TASK:
In the entries below, which lines run from the one containing "#1346 = DIRECTION" to the one containing "#1461 = CARTESIAN_POINT"? Copy exactly those lines, ends included, and no others.

DATASET RECORDS:
-- Opening Marker --

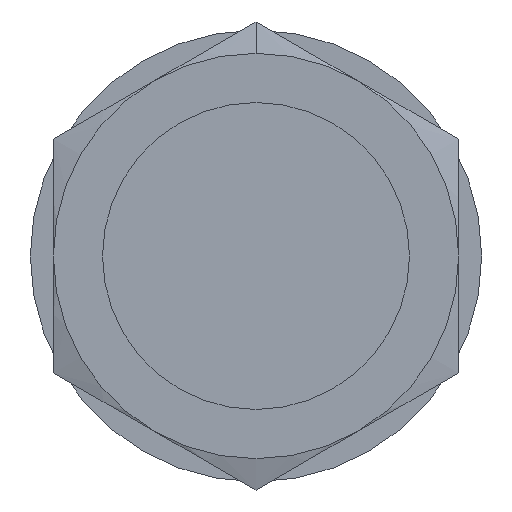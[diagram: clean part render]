
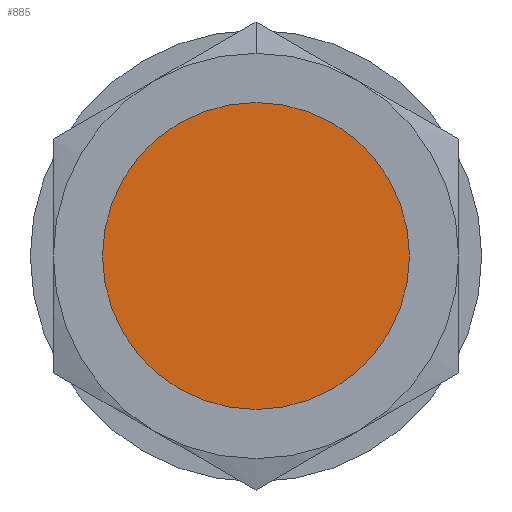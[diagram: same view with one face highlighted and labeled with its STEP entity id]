
A CAD part, front view. The second image highlights one B-rep face of the part: STEP entity #885.
In plain terms, the highlighted planar face has unit normal (0, -1, 0).
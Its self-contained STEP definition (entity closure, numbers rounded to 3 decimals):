
#48 = DIRECTION ( 'NONE',  ( 0., 0., -1. ) ) ;
#60 = VERTEX_POINT ( 'NONE', #821 ) ;
#136 = CIRCLE ( 'NONE', #1395, 8.331 ) ;
#187 = CIRCLE ( 'NONE', #420, 8.331 ) ;
#348 = DIRECTION ( 'NONE',  ( 0., -1., 0. ) ) ;
#420 = AXIS2_PLACEMENT_3D ( 'NONE', #1451, #754, #891 ) ;
#506 = EDGE_LOOP ( 'NONE', ( #1171, #837 ) ) ;
#674 = CARTESIAN_POINT ( 'NONE',  ( 8.331, -5.9, 0. ) ) ;
#754 = DIRECTION ( 'NONE',  ( 0., -1., 0. ) ) ;
#821 = CARTESIAN_POINT ( 'NONE',  ( 0., -5.9, 8.331 ) ) ;
#837 = ORIENTED_EDGE ( 'NONE', *, *, #1135, .T. ) ;
#860 = CARTESIAN_POINT ( 'NONE',  ( 0., -5.9, -8.331 ) ) ;
#885 = ADVANCED_FACE ( 'NONE', ( #1804 ), #1209, .F. ) ;
#891 = DIRECTION ( 'NONE',  ( 0., 0., -1. ) ) ;
#916 = AXIS2_PLACEMENT_3D ( 'NONE', #674, #1346, #945 ) ;
#945 = DIRECTION ( 'NONE',  ( 1., 0., 0. ) ) ;
#1087 = VERTEX_POINT ( 'NONE', #860 ) ;
#1135 = EDGE_CURVE ( 'NONE', #60, #1087, #187, .T. ) ;
#1171 = ORIENTED_EDGE ( 'NONE', *, *, #1817, .T. ) ;
#1209 = PLANE ( 'NONE',  #916 ) ;
#1346 = DIRECTION ( 'NONE',  ( 0., 1., 0. ) ) ;
#1395 = AXIS2_PLACEMENT_3D ( 'NONE', #1461, #348, #48 ) ;
#1451 = CARTESIAN_POINT ( 'NONE',  ( 0., -5.9, 0. ) ) ;
#1461 = CARTESIAN_POINT ( 'NONE',  ( 0., -5.9, 0. ) ) ;
#1804 = FACE_OUTER_BOUND ( 'NONE', #506, .T. ) ;
#1817 = EDGE_CURVE ( 'NONE', #1087, #60, #136, .T. ) ;

-- Closing Marker --

TASK OUTPUT:
#1346 = DIRECTION ( 'NONE',  ( 0., 1., 0. ) ) ;
#1395 = AXIS2_PLACEMENT_3D ( 'NONE', #1461, #348, #48 ) ;
#1451 = CARTESIAN_POINT ( 'NONE',  ( 0., -5.9, 0. ) ) ;
#1461 = CARTESIAN_POINT ( 'NONE',  ( 0., -5.9, 0. ) ) ;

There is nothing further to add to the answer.